Совсем недавно Обама заявил: «Очень редко я видел, чтобы использование военной силы давало окончательный ответ». Но ответ на что? Военная сила, несомненно, очень редко может быть окончательным ответом на национальное строительство, но часто совершенно достаточным на то, чем страна владеет – как на своей шкуре узнали украинцы (а, как говорят, владение – это девять десятых закона). В сочетании с убедительными передвижениями войск, более сильная позиция по Украине могла создать достаточную неопределённость, чтобы российский президент Владимир Путин смягчил своё поведение после присоединения им Крыма. Объявлять поведение Москвы «недопустимым», а затем при ответе связывать собственные руки – значит прикрывать перенапряжение слабостью; это гораздо опаснее, чем либо слабость, либо перенапряжение по отдельности, и может породить дальнейшие проблемы.

Даже когда Обама описывает границы применения силы, он, кажется, переоценивает силу своей риторики и дар убеждения. Как ещё мог думать Обама, заявив, что «для президента Асада настало время уйти», и фактически ничего не делая, что заставит жёсткого президента Сирии уйти со своего поста? Или что его заявление, что российская аннексия Крыма «неприемлема», принесёт реальные результаты? Здесь либо самоуверенность сверх меры, либо замечательное отсутствие интереса к последствиям систематической неспособности действовать согласно принятым на себя явным и неявным обязательствам. Ни тому, ни другому нет места в реалистичной внешней политике.

Отсутствие у администрации Обамы хоть какой-нибудь ясно определённой внешнеполитической стратегии это в некотором роде сильнейший аргумент против его предполагаемого реализма. Обама, возможно, и часто ищет прагматический подход к частным внешнеполитическим проблемам, но при отсутствии всеохватывающей стратегии его прагматизм ситуативен, и не преследует стратегических целей.

В то же время, прагматизм Обамы непостоянен по своей сути, часто определяется внутриполитической борьбой и ставится впереди внешнеполитических результатов. Это искажает процесс принятия решений и даёт в результате политику, которая может выглядеть как прагматичная, но в действительности вряд ли способна привести к успеху и, таким образом, в значительной степени беспринципна. Его взаимно противоречащие политические решения по обе стороны Иракско-Сирийской границы – это один пример; его подходы к Китаю и России, которые чреваты одновременной и тем самым вдвойне опасной конфронтацией с каждой из этих стран, это другой пример. И второй пример может иметь кардинальные последствия для Америки.

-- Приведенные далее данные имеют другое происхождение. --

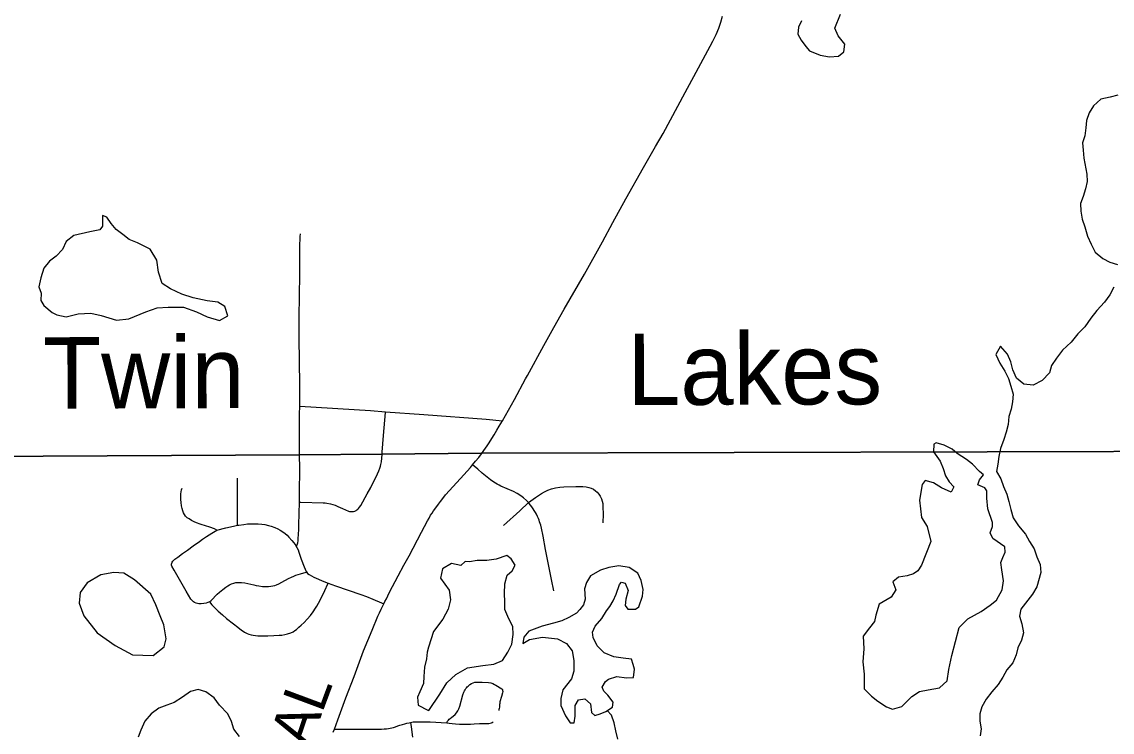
# Model space of a CAD drawing. Extents: x 0 to 34, y 0 to 22.
# Drawn here: x 3.103 to 4.548, y 17.124 to 18.065 of the extents above; entities that cross this region are included whole.
import ezdxf

# ---------------------------------------------------------------- set-up
doc = ezdxf.new("R2010")
doc.units = 0
for name, color, linetype in [('GM_X_City_Street', 7, 'Continuous'), ('GM_X_Corporation', 7, 'Continuous'), ('GM_X_County_Road', 7, 'Continuous'), ('GM_X_County_Road_Text', 7, 'Continuous'), ('GM_X_Major_Lake', 7, 'Continuous'), ('GM_X_Minor_Lake', 7, 'Continuous'), ('GM_X_Minor_Lake_Text', 7, 'Continuous'), ('GM_X_Minor_River', 7, 'Continuous'), ('GM_X_Township_Road', 7, 'Continuous')]:
    doc.layers.add(name, color=color, linetype=linetype)

msp = doc.modelspace()

# ---------------------------------------------------------------- linework, layer by layer
at = {"layer": 'GM_X_City_Street'}
for points in [[(3.4712, 17.556), (3.4711, 17.5721), (3.4711, 17.5882), (3.4709, 17.6117), (3.4705, 17.6502), (3.4703, 17.6723), (3.4707, 17.7039), (3.4712, 17.7287), (3.4712, 17.7673), (3.4714, 17.7711), (3.4716, 17.7764), (3.4719, 17.7806), (3.4724, 17.7843)], [(3.4712, 17.556), (3.5651, 17.5501), (3.5849, 17.5486), (3.6358, 17.5448), (3.7183, 17.5386), (3.7401, 17.5366)]]:
    msp.add_lwpolyline(points, dxfattribs=at)
at = {"layer": 'GM_X_Corporation'}
for points in [[(2.1, 20.9), (2.1, 17.4875), (2.1449, 17.4882), (2.5812, 17.4925), (2.6352, 17.4929), (3.0456, 17.4894), (3.4708, 17.4915), (3.5801, 17.4924), (3.7119, 17.4934), (4.718, 17.4962)], [(4.718, 17.4962), (3.7119, 17.4934), (3.5801, 17.4924), (3.4708, 17.4915), (3.0456, 17.4894), (2.6352, 17.4929), (2.5812, 17.4925), (2.1449, 17.4882), (2.1, 17.4875), (2.1, 14.1), (5.0398, 14.1)], [(3.0456, 17.4894), (3.4708, 17.4915), (3.5801, 17.4924), (3.7119, 17.4934), (4.718, 17.4962)]]:
    msp.add_lwpolyline(points, dxfattribs=at)
at = {"layer": 'GM_X_County_Road'}
for points in [[(3.7706, 17.592), (3.773, 17.5964), (3.7947, 17.6362), (3.8081, 17.66), (3.8218, 17.6844), (3.8485, 17.7307), (3.8724, 17.7735), (3.8861, 17.7992), (3.9036, 17.8307), (3.927, 17.8724), (3.9427, 17.9), (3.9528, 17.9171), (3.9629, 17.9356), (3.9822, 17.9717), (3.9967, 17.9985), (4.0152, 18.033), (4.0189, 18.0396), (4.0232, 18.0487), (4.0266, 18.0568), (4.0294, 18.0647), (4.0318, 18.0727)], [(3.7401, 17.5366), (3.7557, 17.5648), (3.7706, 17.592)], [(3.7121, 17.4928), (3.7152, 17.4971), (3.7176, 17.5003), (3.7198, 17.5034), (3.7224, 17.5074), (3.726, 17.513), (3.7289, 17.5179), (3.7325, 17.5239), (3.7356, 17.5294), (3.7401, 17.5366)], [(3.7003, 17.4781), (3.7044, 17.483), (3.7084, 17.4878), (3.7121, 17.4928)], [(3.5825, 17.2937), (3.5841, 17.297), (3.586, 17.3007), (3.588, 17.3046), (3.5904, 17.3093), (3.6016, 17.3308), (3.6093, 17.345), (3.6161, 17.3575), (3.6328, 17.3887), (3.6405, 17.4037), (3.6426, 17.4073), (3.6447, 17.4113), (3.6466, 17.4142), (3.6484, 17.4171), (3.6515, 17.4212), (3.655, 17.4262), (3.6577, 17.4295), (3.661, 17.4337), (3.6646, 17.4382), (3.6845, 17.4601), (3.6976, 17.4748), (3.7003, 17.4781)], [(3.5172, 17.1279), (3.5216, 17.1401), (3.5324, 17.1693), (3.5434, 17.1977), (3.5559, 17.2315), (3.567, 17.2591), (3.5747, 17.2774), (3.5768, 17.2818), (3.5792, 17.2869), (3.5818, 17.2923), (3.5825, 17.2937)], [(3.5157, 17.1237), (3.5172, 17.1279)]]:
    msp.add_lwpolyline(points, dxfattribs=at)
at = {"layer": 'GM_X_Major_Lake'}
for points in [[(4.5556, 17.9683), (4.5455, 17.9655), (4.5334, 17.9628), (4.5236, 17.954), (4.5176, 17.9445), (4.5143, 17.9346), (4.5132, 17.9247), (4.5122, 17.9144), (4.5088, 17.9049), (4.5097, 17.8951), (4.5105, 17.8845), (4.5145, 17.8633), (4.5149, 17.8538), (4.5131, 17.8439), (4.5098, 17.834), (4.5064, 17.8245), (4.5065, 17.8143), (4.5085, 17.8037), (4.512, 17.7935), (4.5155, 17.7814), (4.5205, 17.7708), (4.5259, 17.7602), (4.5358, 17.7516), (4.5453, 17.7467), (4.5551, 17.7437)], [(4.5504, 17.7134), (4.5452, 17.7035), (4.5381, 17.6939), (4.528, 17.6828), (4.5201, 17.6725), (4.5119, 17.6611), (4.5029, 17.6516), (4.4939, 17.6409), (4.4822, 17.6302), (4.4743, 17.6195), (4.468, 17.6099), (4.465, 17.6001), (4.4553, 17.5901), (4.4436, 17.5836), (4.4311, 17.585), (4.4216, 17.5929), (4.4166, 17.6042), (4.4138, 17.6148), (4.4096, 17.6247), (4.4, 17.6352), (4.3941, 17.6245), (4.3991, 17.6128), (4.406, 17.6023), (4.4106, 17.5924), (4.4137, 17.5826), (4.4168, 17.5716), (4.4161, 17.5618), (4.4143, 17.5519), (4.4114, 17.542), (4.4103, 17.5318), (4.4077, 17.5215), (4.4044, 17.5116), (4.4003, 17.4998), (4.3978, 17.4892), (4.3967, 17.4789), (4.3949, 17.4694), (4.4007, 17.4596), (4.4041, 17.4494), (4.4084, 17.4392), (4.4111, 17.4294), (4.4138, 17.4188), (4.417, 17.4078), (4.4242, 17.3972), (4.4334, 17.3863), (4.4388, 17.3765), (4.4449, 17.3667), (4.4484, 17.3561), (4.4526, 17.3459), (4.4535, 17.3356), (4.4483, 17.3166), (4.4427, 17.3067), (4.427, 17.2869), (4.4255, 17.2774), (4.4283, 17.2672), (4.4306, 17.2555), (4.4281, 17.2456), (4.4232, 17.2357), (4.421, 17.2262), (4.4166, 17.2159), (4.4087, 17.2064), (4.4035, 17.1968), (4.3971, 17.1869), (4.3885, 17.1774), (4.3814, 17.1675), (4.3754, 17.1576), (4.3728, 17.1481), (4.3729, 17.1386), (4.3745, 17.1284), (4.3734, 17.1189)]]:
    msp.add_lwpolyline(points, dxfattribs=at)
at = {"layer": 'GM_X_Minor_Lake'}
for p, q in [((4.1358, 18.0412), (4.1423, 18.0326)), ((3.1282, 17.7057), (3.1279, 17.6959)), ((4.3078, 17.3766), (4.2956, 17.345)), ((3.2736, 17.3068), (3.2523, 17.3256)), ((3.8485, 17.3139), (3.8497, 17.3002)), ((3.6487, 17.2573), (3.6421, 17.2364))]:
    msp.add_line(p, q, dxfattribs=at)
for points in [[(4.1423, 18.0326), (4.1472, 18.0269), (4.1613, 18.0209), (4.1734, 18.0188), (4.1855, 18.0196), (4.1923, 18.0257), (4.1937, 18.0356), (4.1849, 18.0469), (4.1807, 18.0571), (4.1881, 18.0754)], [(4.1363, 18.0666), (4.1322, 18.0583), (4.1315, 18.0488), (4.1358, 18.0412)], [(3.1279, 17.6959), (3.1318, 17.6891), (3.1428, 17.68), (3.1493, 17.6771), (3.1614, 17.6745), (3.1776, 17.6784), (3.1943, 17.6793), (3.2079, 17.676), (3.2284, 17.6701), (3.2447, 17.6717), (3.2673, 17.681), (3.2824, 17.6861), (3.2968, 17.6873), (3.3172, 17.6871), (3.3343, 17.6808), (3.3484, 17.6741), (3.3647, 17.6693), (3.376, 17.6758), (3.3721, 17.6879), (3.3626, 17.6939), (3.3486, 17.6953), (3.33, 17.6997), (3.3148, 17.7045), (3.3, 17.7112), (3.289, 17.7183), (3.2839, 17.7335), (3.2819, 17.7494), (3.2731, 17.7641), (3.256, 17.7723), (3.245, 17.7768), (3.2366, 17.7836), (3.2279, 17.7899), (3.221, 17.7982), (3.2156, 17.8065), (3.2095, 17.8088), (3.2097, 17.7943), (3.2063, 17.7894), (3.1931, 17.787), (3.1715, 17.7823), (3.1617, 17.7742), (3.1565, 17.7636), (3.1483, 17.7548), (3.1396, 17.7479), (3.1321, 17.7388), (3.1281, 17.7258), (3.1255, 17.714), (3.1282, 17.7057)], [(4.2956, 17.345), (4.2907, 17.3378), (4.2847, 17.3336), (4.2764, 17.3312), (4.265, 17.3293), (4.2575, 17.3231), (4.2614, 17.3125), (4.2554, 17.3026), (4.2392, 17.2934), (4.2348, 17.279), (4.2333, 17.2706), (4.2266, 17.2622), (4.218, 17.2511), (4.2189, 17.2341), (4.2179, 17.217), (4.2195, 17.2007), (4.2193, 17.1814), (4.2292, 17.1716), (4.2376, 17.1648), (4.249, 17.1573), (4.257, 17.1544), (4.2694, 17.1579), (4.2826, 17.1709), (4.2927, 17.1778), (4.3044, 17.1801), (4.3192, 17.1825), (4.3297, 17.1917), (4.3319, 17.2069), (4.3359, 17.2255), (4.3454, 17.2624), (4.3567, 17.2742), (4.3744, 17.2838), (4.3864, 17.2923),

Чтобы было до конца ясно – большинство реалистов соглашаются, что «национальное строительство внутри страны» важно для процветания, которое создаёт фундамент для американской глобальной мощи. Но «национальное строительство» – цель, а не стратегия, и, чтобы быть успешным, оно требует внешнеполитической стратегии, основанной на включении и лидерстве. Более того, несмотря на весь свой критицизм к «так называеым реалистам», которые не хотят оказаться слишком вовлечёнными в проблемы других стран, сам Обама – один из тех, кто делает как можно меньше из (политически) возможного в международных делах. Ответ Обамы на вызовы в сфере безопасности обычно выглядят так: сделать достаточно для того, чтобы избежать резкой критики внутри страны, и одновременно постараться действовать так, чтобы это не слишком бы всех возбудило. Отсюда «волна» в Афганистане накануне вывода войск, «руководство из-за спины» в Ливии, скромная поддержка сирийской оппозиции, неэффективные санкции против России как эрзац реальной политики, и минималистский ответ в Ираке. Администрация попыталась закутать все эти политические решения в риторическую вуаль якобы реализма, но на деле там мало что имеет общего с реализмом, поскольку никакой серьёзной стратегии нет.

Серьёзная надежда президента на удары дронов в борьбе с боевиками-террористами – хотя налёты в Пакистане сейчас притормозили – это явная демонстрация и прямой результат чрезмерного политического прагматизма его администрации, что может ещё аукнуться Соединённым Штатам после того как Обама покинет Белый дом, если не раньше. Пристрастие к ударам с помощью дронов вполне понятно: если с ними обращаться как надо, они могут убивать врагов Америки без необходимости подвергать там опасности солдат на земле или пилотов в воздухе, и при ограниченном количестве жертв – сравнительно ограниченным, если рассматривать другие варианты. Всё же, как убедительно показала недавно известная внепартийная специальная комиссия из Центра Стимсона в Вашингтоне, широко распространённые атаки с помощью дронов также порождают большие стратегические проблемы, включая риск ответной негативной реакции со стороны населения других стран, непреднамеренного нормотворчества для других обладателей дронов, «соскальзывание» к более широкому конфликту и отсутствие каких-либо чётких стандартов, чтобы быть успешным. (По последнему пункту, к настоящему времени должно быть очевидным, что «подсчёт тел» в стиле Вьетнамской войны мало о чём нам говорит. Ещё одна современная аналогия – число иракских солдат, обученных американскими военными, очевидно, мало чем помогло для поддержания безопасности и стабильности в Ираке). Отсутствие выверенных рамок стратегии узко направленный прагматизм часто приводят к инкриментализму, в точности как это случилось с использованием администрацией дронов – и, если на то пошло, в своих реакциях на участие Москвы в делах на Восточной Украине. Это не реализм.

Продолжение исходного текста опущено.